# 2.5L Tuning options (United Motorsport won't return emails)



## Dubsport Inc (Oct 12, 2002)

*2.5L Tuning options*

Looking for a tune for my 09 2.5 (non MAF) Rabbit. I contacted Fred United Motorsport about a tune and possible dealer info (I have a VW/Audi shop, been here 19 years... Nearest UM dealer is 3 hours away) and they won't return my emails :/. I have looked at C2 motorsport and they have mixed reviews on their tunes and being non MAF car I am limited... any ideas will be appreciated. Would like to have the capabilty to do a SRI upgrade if possible. Had this in "model specific" but got no feedback!
Thanks in advance
Richard


----------



## killerbunny (Jul 10, 2008)

If you want an Sri, you could contact integrated engineering about the intake manifold and tune. You could also try calling UM, always had good luck getting someone or a call back after leaving a message. 

Sent from my HTC6535LVW using Tapatalk


----------



## tay272 (Aug 22, 2007)

Try getting ahold of them through facebook. I dont think they keep up with their website very much so that could explain the no response. Jeff Atwood is the head tuner for them, you could always look him up and talk to him directly.


----------



## gugu1981 (Jul 25, 2011)

Call is the probably the easiest way. Fred is extremely busy, and will take a while before he gets to emails.

Peter


----------



## thygreyt (Jun 7, 2009)

Not to defend them, but not to bash them either...

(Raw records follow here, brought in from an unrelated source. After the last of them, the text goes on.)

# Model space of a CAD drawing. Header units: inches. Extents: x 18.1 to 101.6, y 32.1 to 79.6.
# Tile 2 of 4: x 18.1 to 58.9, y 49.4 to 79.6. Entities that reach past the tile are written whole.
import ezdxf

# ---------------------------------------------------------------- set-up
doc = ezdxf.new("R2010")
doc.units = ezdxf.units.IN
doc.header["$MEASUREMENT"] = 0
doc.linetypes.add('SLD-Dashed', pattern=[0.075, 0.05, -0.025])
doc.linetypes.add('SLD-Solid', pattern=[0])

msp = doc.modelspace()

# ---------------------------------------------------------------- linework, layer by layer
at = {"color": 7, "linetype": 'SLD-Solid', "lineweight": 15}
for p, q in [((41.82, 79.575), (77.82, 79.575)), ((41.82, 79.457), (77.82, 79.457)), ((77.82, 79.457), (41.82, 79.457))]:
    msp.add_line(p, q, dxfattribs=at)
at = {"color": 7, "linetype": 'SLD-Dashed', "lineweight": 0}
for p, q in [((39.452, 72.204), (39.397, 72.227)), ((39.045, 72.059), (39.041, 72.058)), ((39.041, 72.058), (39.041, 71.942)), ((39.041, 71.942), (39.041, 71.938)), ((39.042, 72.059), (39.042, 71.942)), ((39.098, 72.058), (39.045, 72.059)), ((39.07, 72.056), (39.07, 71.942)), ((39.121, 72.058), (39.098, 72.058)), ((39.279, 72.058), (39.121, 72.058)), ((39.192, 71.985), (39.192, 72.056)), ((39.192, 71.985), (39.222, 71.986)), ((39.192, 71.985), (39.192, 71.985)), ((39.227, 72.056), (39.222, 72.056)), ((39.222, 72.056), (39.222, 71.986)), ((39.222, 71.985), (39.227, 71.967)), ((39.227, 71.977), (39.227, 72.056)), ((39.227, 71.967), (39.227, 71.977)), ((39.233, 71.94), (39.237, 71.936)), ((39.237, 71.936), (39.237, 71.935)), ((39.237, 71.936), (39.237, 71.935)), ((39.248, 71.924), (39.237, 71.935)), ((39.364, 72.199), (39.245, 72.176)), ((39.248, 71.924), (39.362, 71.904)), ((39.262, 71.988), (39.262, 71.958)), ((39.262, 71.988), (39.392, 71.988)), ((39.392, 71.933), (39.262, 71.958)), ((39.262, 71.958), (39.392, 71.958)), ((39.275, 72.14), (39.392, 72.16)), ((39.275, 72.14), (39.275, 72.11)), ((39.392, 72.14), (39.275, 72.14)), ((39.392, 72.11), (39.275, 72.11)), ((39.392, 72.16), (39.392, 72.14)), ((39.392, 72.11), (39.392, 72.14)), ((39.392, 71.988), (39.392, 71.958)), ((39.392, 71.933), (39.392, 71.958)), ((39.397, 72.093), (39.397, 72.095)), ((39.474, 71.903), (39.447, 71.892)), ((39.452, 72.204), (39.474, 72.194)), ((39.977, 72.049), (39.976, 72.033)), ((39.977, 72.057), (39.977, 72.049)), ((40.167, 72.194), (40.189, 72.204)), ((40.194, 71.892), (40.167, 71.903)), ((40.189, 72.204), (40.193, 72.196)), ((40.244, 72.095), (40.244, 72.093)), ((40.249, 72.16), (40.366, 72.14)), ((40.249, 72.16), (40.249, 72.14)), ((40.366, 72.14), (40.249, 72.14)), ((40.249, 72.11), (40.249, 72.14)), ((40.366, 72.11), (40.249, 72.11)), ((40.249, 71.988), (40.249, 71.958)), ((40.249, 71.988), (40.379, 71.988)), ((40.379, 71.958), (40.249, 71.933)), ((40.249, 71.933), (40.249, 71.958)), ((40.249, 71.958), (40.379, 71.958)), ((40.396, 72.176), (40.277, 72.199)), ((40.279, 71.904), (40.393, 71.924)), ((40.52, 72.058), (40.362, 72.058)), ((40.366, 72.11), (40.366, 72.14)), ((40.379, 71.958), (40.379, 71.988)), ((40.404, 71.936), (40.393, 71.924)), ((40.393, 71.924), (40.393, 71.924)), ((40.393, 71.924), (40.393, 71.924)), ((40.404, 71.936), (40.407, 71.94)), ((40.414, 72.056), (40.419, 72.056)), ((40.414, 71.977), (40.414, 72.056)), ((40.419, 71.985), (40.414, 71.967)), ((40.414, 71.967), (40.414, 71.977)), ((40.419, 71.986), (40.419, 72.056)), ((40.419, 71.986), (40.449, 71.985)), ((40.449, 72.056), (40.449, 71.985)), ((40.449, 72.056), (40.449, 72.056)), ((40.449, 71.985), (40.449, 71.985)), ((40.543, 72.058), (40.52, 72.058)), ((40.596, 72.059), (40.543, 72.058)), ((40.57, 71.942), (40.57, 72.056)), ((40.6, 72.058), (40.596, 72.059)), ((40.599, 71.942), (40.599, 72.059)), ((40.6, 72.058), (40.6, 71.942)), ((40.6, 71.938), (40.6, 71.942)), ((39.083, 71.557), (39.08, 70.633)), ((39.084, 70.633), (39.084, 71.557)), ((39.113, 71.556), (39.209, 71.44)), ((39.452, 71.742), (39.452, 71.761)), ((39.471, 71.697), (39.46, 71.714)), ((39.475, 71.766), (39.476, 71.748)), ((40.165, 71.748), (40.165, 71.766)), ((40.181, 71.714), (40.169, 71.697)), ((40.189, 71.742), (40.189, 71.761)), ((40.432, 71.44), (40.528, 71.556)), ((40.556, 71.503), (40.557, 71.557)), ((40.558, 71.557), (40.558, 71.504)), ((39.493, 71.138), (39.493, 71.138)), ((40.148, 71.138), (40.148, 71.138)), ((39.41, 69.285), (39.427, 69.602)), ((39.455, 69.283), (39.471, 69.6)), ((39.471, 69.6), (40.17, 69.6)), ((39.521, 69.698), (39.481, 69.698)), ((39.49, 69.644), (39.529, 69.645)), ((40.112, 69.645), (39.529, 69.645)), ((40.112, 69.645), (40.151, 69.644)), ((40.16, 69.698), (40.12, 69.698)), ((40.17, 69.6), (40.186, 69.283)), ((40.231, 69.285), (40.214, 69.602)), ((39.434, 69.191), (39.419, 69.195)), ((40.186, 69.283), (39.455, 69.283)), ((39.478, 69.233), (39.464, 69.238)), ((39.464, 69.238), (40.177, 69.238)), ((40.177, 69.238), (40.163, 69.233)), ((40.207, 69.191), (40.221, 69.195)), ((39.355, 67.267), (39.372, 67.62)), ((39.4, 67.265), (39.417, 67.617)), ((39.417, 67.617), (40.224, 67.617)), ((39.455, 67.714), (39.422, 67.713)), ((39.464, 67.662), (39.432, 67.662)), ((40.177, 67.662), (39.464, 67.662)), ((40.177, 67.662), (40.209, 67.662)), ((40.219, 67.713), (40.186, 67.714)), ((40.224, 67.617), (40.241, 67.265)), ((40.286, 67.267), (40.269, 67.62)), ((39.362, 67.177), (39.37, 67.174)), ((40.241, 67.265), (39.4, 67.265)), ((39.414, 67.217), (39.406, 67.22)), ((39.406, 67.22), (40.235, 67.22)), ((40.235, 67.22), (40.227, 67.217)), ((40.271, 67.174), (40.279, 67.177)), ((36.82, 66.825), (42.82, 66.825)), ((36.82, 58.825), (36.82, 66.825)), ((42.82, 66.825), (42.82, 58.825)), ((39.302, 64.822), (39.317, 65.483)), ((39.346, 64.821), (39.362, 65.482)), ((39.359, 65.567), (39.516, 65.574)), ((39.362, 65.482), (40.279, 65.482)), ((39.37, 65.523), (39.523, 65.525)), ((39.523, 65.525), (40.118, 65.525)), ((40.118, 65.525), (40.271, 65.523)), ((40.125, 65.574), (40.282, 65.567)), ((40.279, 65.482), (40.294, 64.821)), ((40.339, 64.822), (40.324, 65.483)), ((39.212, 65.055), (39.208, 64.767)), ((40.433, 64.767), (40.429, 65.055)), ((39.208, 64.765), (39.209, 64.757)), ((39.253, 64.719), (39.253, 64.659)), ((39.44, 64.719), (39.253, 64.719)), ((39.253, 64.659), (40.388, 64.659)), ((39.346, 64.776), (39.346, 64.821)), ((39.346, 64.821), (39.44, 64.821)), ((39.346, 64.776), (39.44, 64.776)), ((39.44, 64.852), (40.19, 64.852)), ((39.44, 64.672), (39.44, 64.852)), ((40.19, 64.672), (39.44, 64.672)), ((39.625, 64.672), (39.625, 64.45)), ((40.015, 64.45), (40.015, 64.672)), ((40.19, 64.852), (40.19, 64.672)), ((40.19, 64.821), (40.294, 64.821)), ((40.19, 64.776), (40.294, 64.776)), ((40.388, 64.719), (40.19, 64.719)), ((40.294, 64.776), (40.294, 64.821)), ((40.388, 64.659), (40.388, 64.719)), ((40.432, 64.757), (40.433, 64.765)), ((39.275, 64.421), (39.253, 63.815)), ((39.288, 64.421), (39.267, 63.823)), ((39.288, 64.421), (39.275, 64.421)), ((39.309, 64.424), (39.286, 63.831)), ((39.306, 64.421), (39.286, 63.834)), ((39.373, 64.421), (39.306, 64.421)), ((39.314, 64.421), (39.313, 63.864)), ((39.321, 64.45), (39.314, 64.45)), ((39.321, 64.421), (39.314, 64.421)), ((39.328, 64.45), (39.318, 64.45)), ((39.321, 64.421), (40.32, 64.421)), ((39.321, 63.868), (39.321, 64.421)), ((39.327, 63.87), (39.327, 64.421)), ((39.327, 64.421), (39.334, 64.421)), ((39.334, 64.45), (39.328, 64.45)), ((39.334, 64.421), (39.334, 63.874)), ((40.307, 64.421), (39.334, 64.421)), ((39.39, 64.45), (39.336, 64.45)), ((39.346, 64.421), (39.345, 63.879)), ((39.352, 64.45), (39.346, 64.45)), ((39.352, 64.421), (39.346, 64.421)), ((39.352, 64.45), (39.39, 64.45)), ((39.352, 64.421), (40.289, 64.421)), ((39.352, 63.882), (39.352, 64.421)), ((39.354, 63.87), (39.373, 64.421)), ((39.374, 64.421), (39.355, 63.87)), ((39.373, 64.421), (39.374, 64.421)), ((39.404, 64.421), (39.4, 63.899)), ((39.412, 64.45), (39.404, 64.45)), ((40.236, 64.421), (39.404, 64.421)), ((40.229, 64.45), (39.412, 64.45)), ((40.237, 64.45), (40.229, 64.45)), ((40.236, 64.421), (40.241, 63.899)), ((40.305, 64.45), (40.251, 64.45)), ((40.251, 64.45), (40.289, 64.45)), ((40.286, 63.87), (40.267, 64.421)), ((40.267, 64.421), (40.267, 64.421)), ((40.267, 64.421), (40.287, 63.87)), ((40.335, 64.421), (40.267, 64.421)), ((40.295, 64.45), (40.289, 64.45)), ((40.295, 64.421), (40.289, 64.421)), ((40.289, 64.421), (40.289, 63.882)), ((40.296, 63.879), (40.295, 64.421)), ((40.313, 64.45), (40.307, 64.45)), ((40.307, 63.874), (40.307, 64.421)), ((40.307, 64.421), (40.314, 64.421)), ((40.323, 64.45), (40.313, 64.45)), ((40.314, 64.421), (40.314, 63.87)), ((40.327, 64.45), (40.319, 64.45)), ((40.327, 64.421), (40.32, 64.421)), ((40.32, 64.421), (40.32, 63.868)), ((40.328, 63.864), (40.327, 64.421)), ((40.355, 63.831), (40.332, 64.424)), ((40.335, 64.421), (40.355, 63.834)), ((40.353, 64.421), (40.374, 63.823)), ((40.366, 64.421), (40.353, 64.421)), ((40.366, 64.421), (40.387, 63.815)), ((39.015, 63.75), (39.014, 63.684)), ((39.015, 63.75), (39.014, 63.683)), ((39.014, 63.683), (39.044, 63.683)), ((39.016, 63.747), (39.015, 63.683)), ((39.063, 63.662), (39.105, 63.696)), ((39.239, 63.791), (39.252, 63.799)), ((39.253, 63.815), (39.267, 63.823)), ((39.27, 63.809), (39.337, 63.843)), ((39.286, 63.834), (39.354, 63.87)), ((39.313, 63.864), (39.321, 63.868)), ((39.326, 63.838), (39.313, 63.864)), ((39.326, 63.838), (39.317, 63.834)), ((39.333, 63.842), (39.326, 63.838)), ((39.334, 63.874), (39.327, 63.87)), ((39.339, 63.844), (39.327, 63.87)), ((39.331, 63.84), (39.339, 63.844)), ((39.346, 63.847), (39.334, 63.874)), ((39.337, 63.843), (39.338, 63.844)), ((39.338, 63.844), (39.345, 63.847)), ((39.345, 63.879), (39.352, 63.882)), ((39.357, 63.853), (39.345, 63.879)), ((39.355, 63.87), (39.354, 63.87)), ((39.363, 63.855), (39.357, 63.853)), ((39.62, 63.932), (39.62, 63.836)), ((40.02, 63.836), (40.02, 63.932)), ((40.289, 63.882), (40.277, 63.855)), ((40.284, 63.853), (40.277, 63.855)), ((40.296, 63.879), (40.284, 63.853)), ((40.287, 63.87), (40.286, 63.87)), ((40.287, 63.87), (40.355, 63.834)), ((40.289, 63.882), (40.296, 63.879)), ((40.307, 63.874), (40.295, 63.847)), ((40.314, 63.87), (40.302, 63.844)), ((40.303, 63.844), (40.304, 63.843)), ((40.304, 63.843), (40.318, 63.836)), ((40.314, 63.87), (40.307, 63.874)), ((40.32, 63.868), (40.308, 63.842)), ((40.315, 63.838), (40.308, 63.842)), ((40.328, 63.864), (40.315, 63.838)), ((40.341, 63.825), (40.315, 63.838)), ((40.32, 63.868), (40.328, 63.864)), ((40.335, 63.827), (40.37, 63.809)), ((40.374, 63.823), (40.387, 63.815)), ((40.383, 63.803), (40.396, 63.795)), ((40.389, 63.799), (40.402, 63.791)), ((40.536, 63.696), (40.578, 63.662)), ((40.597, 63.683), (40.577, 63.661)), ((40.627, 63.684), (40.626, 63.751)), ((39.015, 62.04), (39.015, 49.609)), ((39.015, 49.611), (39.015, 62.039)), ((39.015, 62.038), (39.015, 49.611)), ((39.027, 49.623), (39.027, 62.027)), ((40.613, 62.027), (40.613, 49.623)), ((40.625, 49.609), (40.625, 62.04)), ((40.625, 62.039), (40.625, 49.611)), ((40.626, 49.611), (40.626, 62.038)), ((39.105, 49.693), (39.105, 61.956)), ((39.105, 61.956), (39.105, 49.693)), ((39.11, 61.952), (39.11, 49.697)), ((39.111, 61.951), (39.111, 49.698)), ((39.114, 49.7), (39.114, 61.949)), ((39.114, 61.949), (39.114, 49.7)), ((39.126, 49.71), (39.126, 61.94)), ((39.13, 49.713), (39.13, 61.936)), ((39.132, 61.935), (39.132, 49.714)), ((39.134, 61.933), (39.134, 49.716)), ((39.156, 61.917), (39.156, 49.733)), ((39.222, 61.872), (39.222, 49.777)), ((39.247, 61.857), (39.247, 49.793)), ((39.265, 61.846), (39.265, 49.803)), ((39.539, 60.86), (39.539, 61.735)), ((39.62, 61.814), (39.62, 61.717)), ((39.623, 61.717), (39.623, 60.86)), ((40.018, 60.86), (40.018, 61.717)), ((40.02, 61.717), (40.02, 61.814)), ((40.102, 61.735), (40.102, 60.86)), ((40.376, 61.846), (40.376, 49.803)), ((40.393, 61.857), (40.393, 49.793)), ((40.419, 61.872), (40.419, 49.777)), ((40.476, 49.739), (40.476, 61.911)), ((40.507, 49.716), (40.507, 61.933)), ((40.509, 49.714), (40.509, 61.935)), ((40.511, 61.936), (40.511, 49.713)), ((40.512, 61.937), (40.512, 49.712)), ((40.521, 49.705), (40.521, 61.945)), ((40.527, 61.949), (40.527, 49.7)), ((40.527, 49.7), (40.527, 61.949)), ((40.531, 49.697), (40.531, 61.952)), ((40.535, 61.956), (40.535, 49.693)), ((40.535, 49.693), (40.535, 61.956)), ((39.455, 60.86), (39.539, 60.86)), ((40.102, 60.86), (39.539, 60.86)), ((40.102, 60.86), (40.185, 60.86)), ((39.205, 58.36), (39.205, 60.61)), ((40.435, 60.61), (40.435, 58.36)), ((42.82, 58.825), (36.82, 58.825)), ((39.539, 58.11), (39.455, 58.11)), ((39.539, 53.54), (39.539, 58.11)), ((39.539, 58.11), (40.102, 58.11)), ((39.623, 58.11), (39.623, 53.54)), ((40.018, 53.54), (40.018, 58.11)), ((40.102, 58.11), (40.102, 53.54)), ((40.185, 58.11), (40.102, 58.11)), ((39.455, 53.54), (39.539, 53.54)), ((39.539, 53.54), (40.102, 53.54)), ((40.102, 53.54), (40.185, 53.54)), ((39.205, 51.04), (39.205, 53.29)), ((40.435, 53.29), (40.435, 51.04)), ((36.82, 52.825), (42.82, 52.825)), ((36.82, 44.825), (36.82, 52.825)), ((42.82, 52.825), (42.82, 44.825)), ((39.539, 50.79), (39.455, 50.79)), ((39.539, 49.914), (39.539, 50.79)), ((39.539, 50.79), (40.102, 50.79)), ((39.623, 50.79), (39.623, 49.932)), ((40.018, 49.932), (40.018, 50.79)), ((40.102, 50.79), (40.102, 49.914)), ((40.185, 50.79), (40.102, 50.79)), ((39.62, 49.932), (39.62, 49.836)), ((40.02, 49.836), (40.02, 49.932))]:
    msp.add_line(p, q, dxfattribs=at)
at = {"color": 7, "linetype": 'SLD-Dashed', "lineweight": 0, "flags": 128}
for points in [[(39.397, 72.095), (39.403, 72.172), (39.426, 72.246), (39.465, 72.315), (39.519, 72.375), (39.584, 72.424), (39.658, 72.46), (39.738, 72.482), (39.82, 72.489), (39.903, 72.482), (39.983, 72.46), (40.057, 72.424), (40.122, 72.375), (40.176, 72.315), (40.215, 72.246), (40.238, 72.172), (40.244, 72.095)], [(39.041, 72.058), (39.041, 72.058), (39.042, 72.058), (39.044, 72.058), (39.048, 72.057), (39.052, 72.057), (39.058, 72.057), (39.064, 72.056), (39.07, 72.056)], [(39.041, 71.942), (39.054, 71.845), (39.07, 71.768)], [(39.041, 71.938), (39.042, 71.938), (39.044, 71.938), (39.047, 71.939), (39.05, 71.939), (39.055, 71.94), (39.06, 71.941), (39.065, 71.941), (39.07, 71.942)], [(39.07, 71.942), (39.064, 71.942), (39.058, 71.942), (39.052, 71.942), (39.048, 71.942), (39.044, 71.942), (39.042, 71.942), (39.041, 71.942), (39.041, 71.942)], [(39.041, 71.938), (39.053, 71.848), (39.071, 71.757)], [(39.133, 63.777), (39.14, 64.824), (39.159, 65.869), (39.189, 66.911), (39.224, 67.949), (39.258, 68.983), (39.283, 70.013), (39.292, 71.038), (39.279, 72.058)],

IIRC they are a small operation, 2 or 3 people. Jeff does all the tuning, and Fred does EVERYTHING else... which is a lot. And likely time is not enough for him to do it all.

Give him a call.


----------



## Dubsport Inc (Oct 12, 2002)

Thanks for the input guys... Yeah not here to bash UM, but I sent an email in early December and then a follow up email a month later, no reply ... to me that is not the greatest customer service. I think I may go with IE's setup as we have used them in the past!


----------



## [email protected] (Sep 2, 2011)

Dubsport Inc - Best way to get a hold of us is giving a call in (203)889-0008 I would have no problem sorting you, or you can PM me your number and email address and I take a look at your email and give you a call. Not sure why I would not have returned your email, it may have ended up in spam some how.


----------



## Dubsport Inc (Oct 12, 2002)

Fred
Thanks... PM sent!
Cheers
Richard


----------



## Dubsport Inc (Oct 12, 2002)

Just an update on this (a year later) after Fred contacted me and said he would help, he didn't and stopped returning PM's I have been in the auto industry for 30 years total and I have never seen a company with such poor customer service than United Motorsports. I talked to Mark at Malone Tuning (I am a dealer for their TDI tunes) and got one of his tunes (a totally smooth transaction) and couldn't be happier, I would recommend Malone for the 2,5 tunes, I give credit where credit is due!


----------